A referida matéria dá conta de que o parlamentar teria simulado uma cena envolvendo uma criança em situação de vulnerabilidade. Na ocasião, o vereador teria ensaiado com a menina, sugerindo que ela falasse diante da câmera: “eu achei que hoje ia ficar sem comida, mas hoje eu tô comendo a coisa que eu mais gosto”. O vídeo foi gravado no interior de um shopping, em ambiente que parece ser uma praça de alimentação.

A portaria de instauração do Inquérito Civil aponta a necessidade de melhor apuração dos fatos e também recorda o disposto no art. 17 da Lei nº 8.069/90 (Estatuto da Criança e do Adolescente), que dispõe que o direito ao respeito consiste na inviolabilidade da integridade física, psíquica e moral da criança e do adolescente, abrangendo a preservação da imagem, da identidade, da autonomia, dos valores, ideias e crenças, dos espaços e objetos pessoais.

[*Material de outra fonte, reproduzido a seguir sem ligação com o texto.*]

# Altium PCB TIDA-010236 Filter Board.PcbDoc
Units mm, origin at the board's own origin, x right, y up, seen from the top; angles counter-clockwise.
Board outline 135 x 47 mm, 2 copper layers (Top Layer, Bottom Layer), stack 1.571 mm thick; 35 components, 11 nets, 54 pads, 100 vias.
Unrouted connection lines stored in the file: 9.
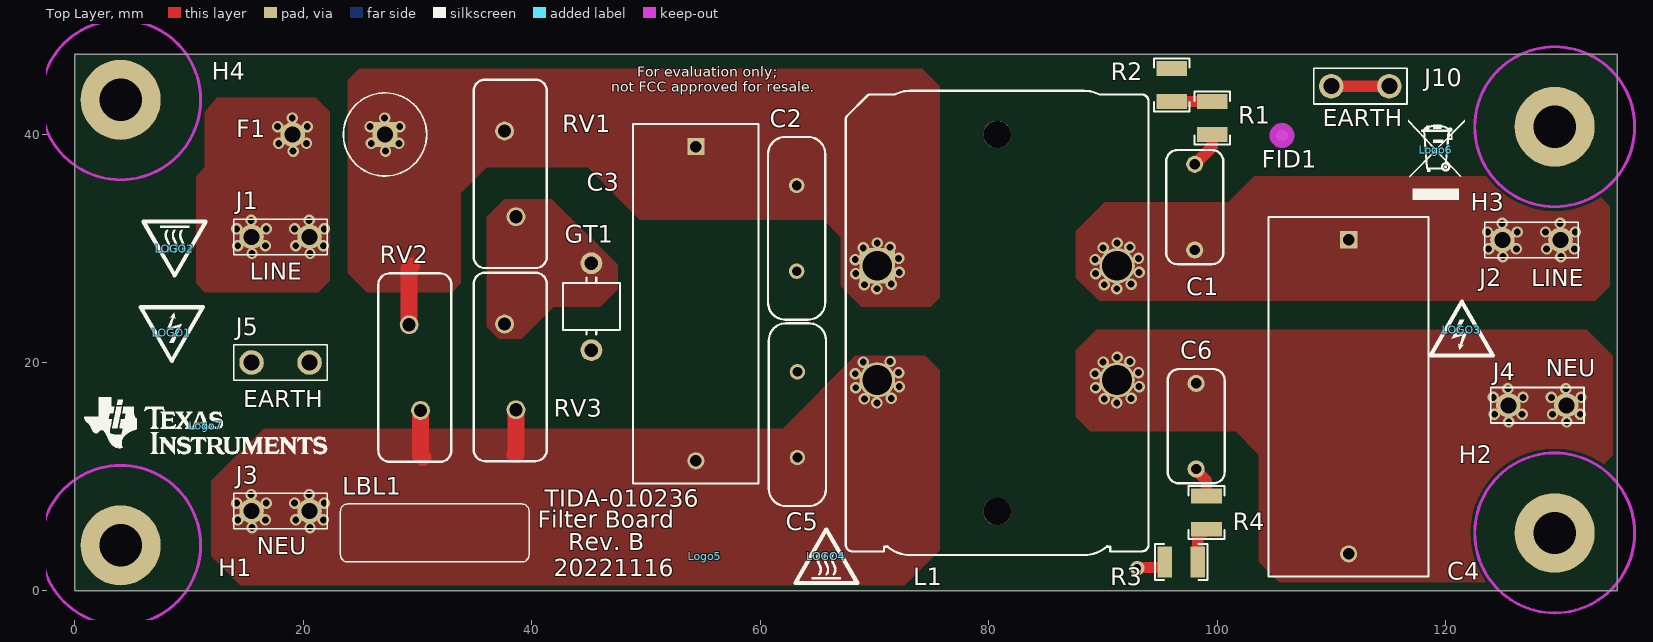
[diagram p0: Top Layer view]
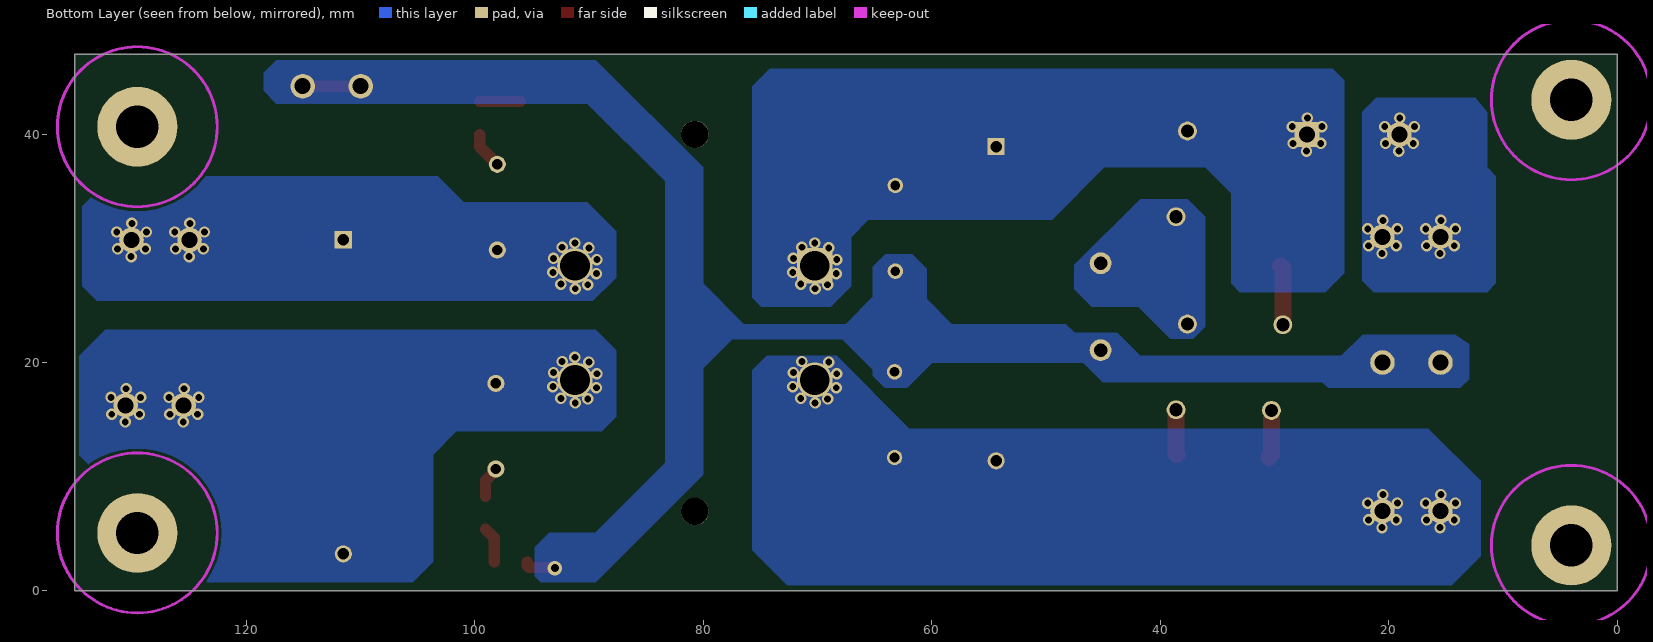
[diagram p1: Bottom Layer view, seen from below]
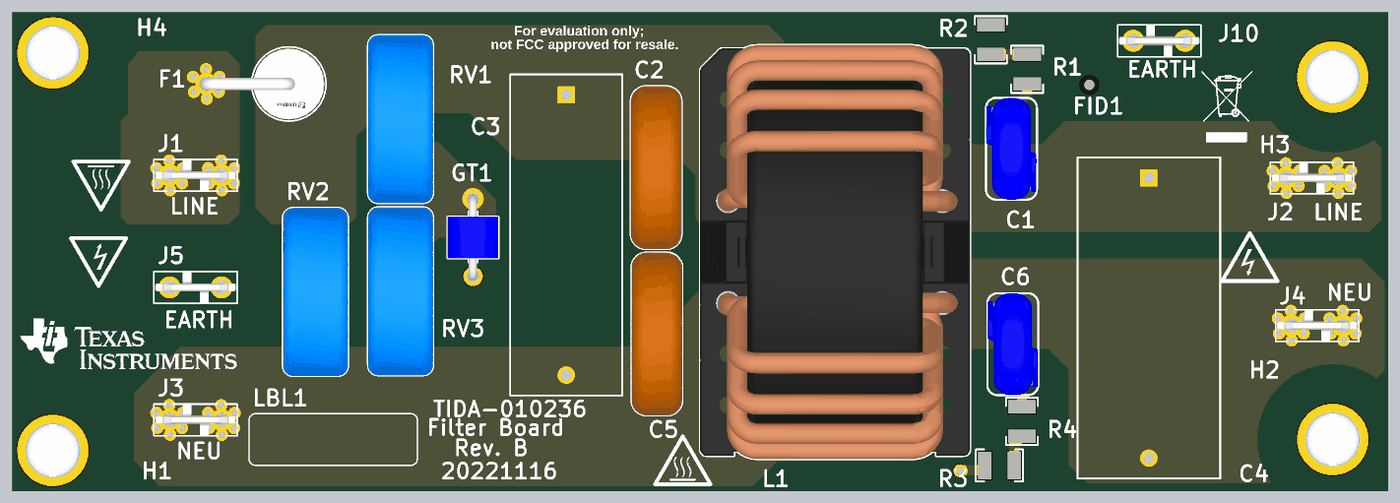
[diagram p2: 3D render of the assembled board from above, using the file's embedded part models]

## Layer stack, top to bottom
Top Solder: solder mask 0.0102, Solder Resist, Dk 3.5
Top Layer: signal copper 0.0356
Dielectric 1: dielectric 1.5, FR-4, Dk 4.8
Bottom Layer: signal copper 0.0356
Bottom Solder: solder mask 0.0102, Solder Resist, Dk 3.5

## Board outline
0,0 0,47 135,47 135,0

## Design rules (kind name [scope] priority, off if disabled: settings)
Clearance [All] p1: gap=0.254 ignorepadtopadclearanceinfootprint=FALSE except(0: Arc-Hole Track-Hole SMDPad-Hole THPad-Hole Via-Hole Fill-Hole Poly-Hole Region-Hole Text-Hole)
HoleSize [All] p1: absolutevalues=TRUE maxlimit=5 minlimit=0.025 maxpercent=80.000 minpercent=20.000
PlaneConnect [All] p1: planeconnectstyle=Direct reliefexpansion=0.508 reliefentries=4 reliefconductorwidth=0.5 reliefairgap=0.254
PolygonConnect [All] p1: connectstyle=Direct reliefconductorwidth=0.5 reliefentries=4 polygonreliefangle="90 Angle" airgapwidth=0.254
RoutingVias [All] p1: holewidth=0.711 width=1.27 viastyle="Through Hole" minholewidth=0.711 minwidth=1.27 maxholewidth=0.711 maxwidth=1.27
SolderMaskExpansion [All] p1: expansion=0.102 istentingtop=FALSE
Width [All] p1: maxlimit=5.08 minlimit=0.254 preferedwidth=2.032 minimp=50.000000 maximp=50.000000 favimp=50.000000
28 further rules are at their usual default settings.

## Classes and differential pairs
net class HV: NetC1_1 NetC2_1 NetF1_2

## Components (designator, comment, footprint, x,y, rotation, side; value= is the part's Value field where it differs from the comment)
C1 "DE2E3KY472MB3BM02F" KY_1000x500x1300 98.028,33.604 r90 top value=4700pF
C2 "VY2103M63Y5US63V7" VY2_1600x500 63.179,31.75 r270 top value=0.01uF
C3 "B32924C3105M" B32924_19mm 54.356,25.146 r270 top value=1uF
C4 "B32924C3225K" B32924_24.5mm 111.506,17 r270 top value=2.2uF
C5 "VY2103M63Y5US63V7" VY2_1600x500 63.246,15.434 r270 top value=0.01uF
C6 "DE2E3KY472MB3BM02F" KY_1000x500x1300 98.155,14.427 r90 top value=4700pF
F1 "0524025" FP-0525025.MXEP_vm_AXIAL-MFG 27.146,39.964 r180 top
FID1 "Fiducial" Fiducial10-20 105.664,39.878 r270 top
GT1 "2035-20-B5" GasTube_2035-20-B5 45.212,24.892 r90 top value=200V
H1 "29311" Keystone29311 4,4 r180 top
H2 "29311" Keystone29311 129.54,5.08 r180 top
H3 "29311" Keystone29311 129.54,40.64 r180 top
H4 "29311" Keystone29311 4,43 r180 top
J1 "63824-1" FP-63824-1_CONN_7MM92_3MM11-MFG 18,31 r180 top
J2 "63824-1" FP-63824-1_CONN_7MM92_3MM11-MFG 127.508,30.734 r0 top
J3 "63824-1" FP-63824-1_CONN_7MM92_3MM11-MFG 18,7 r0 top
J4 "63824-1" FP-63824-1_CONN_7MM92_3MM11-MFG 128.016,16.256 r180 top
J5 "63824-1" FP-63824-1_CONN_7MM92_3MM11-MFG 18,20 r180 top
J10 "63824-1" FP-63824-1_CONN_7MM92_3MM11-MFG 112.522,44.196 r180 top
L1 "7448062105" WE-CMBNC_XXL 80.731,23.464 r0 top value=5mH
LBL1 "THT-14-423-10" Label_650x200 31.496,5.08 r0 top
LOGO1 "DANGER HIGH VOLTAGE" IEC_HighVoltage_Small 8.481,22.606 r180 top
LOGO2 "CAUTION HOT SURFACE" IEC_HotSurface_Small 8.722,29.972 r180 top
LOGO3 "DANGER HIGH VOLTAGE" IEC_HighVoltage_Small 121.412,22.86 r0 top
LOGO4 "CAUTION HOT SURFACE" IEC_HotSurface_Small 65.786,3.048 r0 top
Logo5 "FCC disclaimer" FCC_disclaimer_stacked 55.118,3.058 r0 top
Logo6 "WEEE logo" WEEE_Minimum 119.126,38.608 r0 top
Logo7 "Texas Instruments" TI_Stacked_Overlay_Small 11.44,14.478 r0 top
R1 "RC1210JR-0739RL" 1210 99.568,41.402 r270 top value=39
R2 "RC1210JR-0739RL" 1210 96.012,44.302 r90 top value=39
R3 "RC1210JR-0739RL" 1210 96.848,2.54 r0 top value=39
R4 "RC1210JR-0739RL" 1210 99.06,6.858 r90 top value=39
RV1 "MOV-14D471K" Bourns_MOV-14D621K 38.108,36.516 r90 top
RV2 "MOV-14D471K" Bourns_MOV-14D621K 29.754,19.558 r90 top
RV3 "MOV-14D471K" Bourns_MOV-14D621K 38.108,19.618 r90 top

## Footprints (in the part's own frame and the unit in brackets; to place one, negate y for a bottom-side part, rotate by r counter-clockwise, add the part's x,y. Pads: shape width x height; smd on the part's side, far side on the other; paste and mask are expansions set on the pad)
1210 [mm] "1210 from SM-752 data"
  rect 1.3x2.7 smd: 1(-1.45,0) 2(1.45,0)
  silkscreen extent -2.32,-1.57 2.32,1.57, body extent -1.7,-1.35 1.7,1.35, height 1.35
B32924_19mm [mm] "Epcos film capacitors, 27.5mm spacing"
  rect 1.5x1.5 hole 1: 1(-13.75,0)
  round 1.5 hole 1: 2(13.75,0)
  silkscreen extent -15.75,-5.5 15.75,5.5, body extent -15.75,-5.5 15.75,5.5, height 19
B32924_24.5mm [mm] "Epcos film capacitors, 27.5mm spacing"
  rect 1.5x1.5 hole 1: 1(-13.75,0)
  round 1.5 hole 1: 2(13.75,0)
  silkscreen extent -15.75,-7 15.75,7, body extent -15.75,-7 15.75,7, height 24.5
Bourns_MOV-14D621K [mm] "TH, 2-Leads, Dia 16.5mm"
  round 1.65 hole 1.15: 1(-3.75,-0.5) 2(3.75,0.5)
  silkscreen extent -8.25,-3.2 8.25,3.2, body extent -8.25,-3.2 8.25,3.2, height 21.97
FCC_disclaimer_stacked [mm]
Fiducial10-20 [mm]
  round 1 smd mask+0.5: 1(0,0)
  Top Layer keep-out circle w1.178: c0,0 r0.5
FP-63824-1_CONN_7MM92_3MM11-MFG [mm]
  round 2.15 hole 1.4 paste-1000 mask+0: 1(-2.54,0) 1(2.54,0)
  silkscreen extent -4.09,-1.56 4.09,1.56, body extent -3.96,-1.54 3.96,1.54, height 10.88
FP-0525025.MXEP_vm_AXIAL-MFG [mm]
  rrect5% 2.15x2.15 hole 1.4 paste-1000 mask+0: 1(0,0)
  round 2.15 hole 1.4 paste-1000 mask+0: 2(8.092,0)
  silkscreen extent -3.64,-3.64 3.64,3.64, body extent -3.74,-3.74 9.27,3.74, height 0.25
GasTube_2035-20-B5 [mil] "Bourns Gas Disharge Tube, 5mm Diameter"
  round 75 hole 47: 1(-150,0) 2(149.61,0)
  silkscreen extent -96,-98 100,98, body extent -166,-97 166,99, height 197
IEC_HighVoltage_Small [mm]
  silkscreen extent -2.72,-2.24 2.72,2.47
IEC_HotSurface_Small [mm]
  silkscreen extent -2.72,-2.36 2.72,2.35
Keystone29311 [mm] "Srcew, Pan HeadM5x0.5 mm, Zinc Plated  6.0mm L"
  round 7 / inner round 4.9 / far side round 7 hole 3.7: 1(0,0)
  body extent -2.7,-2.7 2.7,2.7, height 1.72
KY_1000x500x1300 [mm] "MuRata"
  round 1.5 hole 0.9: 1(-3.75,0) 2(3.75,0)
  silkscreen extent -5,-2.5 5,2.5, body extent -5,-2.5 5,2.5, height 13
Label_650x200 [mil] "Thermal Transfer Label"
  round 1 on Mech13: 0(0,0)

O MPRJ vai oficiar ao vereador para que informe se já fez a retirada do vídeo de todas as suas redes sociais, e, em caso negativo, para que o faça no prazo de 48 horas, sob pena da deflagração das medidas judiciais cabíveis. “Tal vídeo vulnera, a um só turno, os princípios da proteção integral da criança e do adolescente e da finalidade social da internet”, diz a portaria de instauração do inquérito, que também requer que o gabinete do vereador informe os dados da criança para possível encaminhamento ao promotor de Justiça com atribuição para aplicação de medidas protetivas, se for o caso.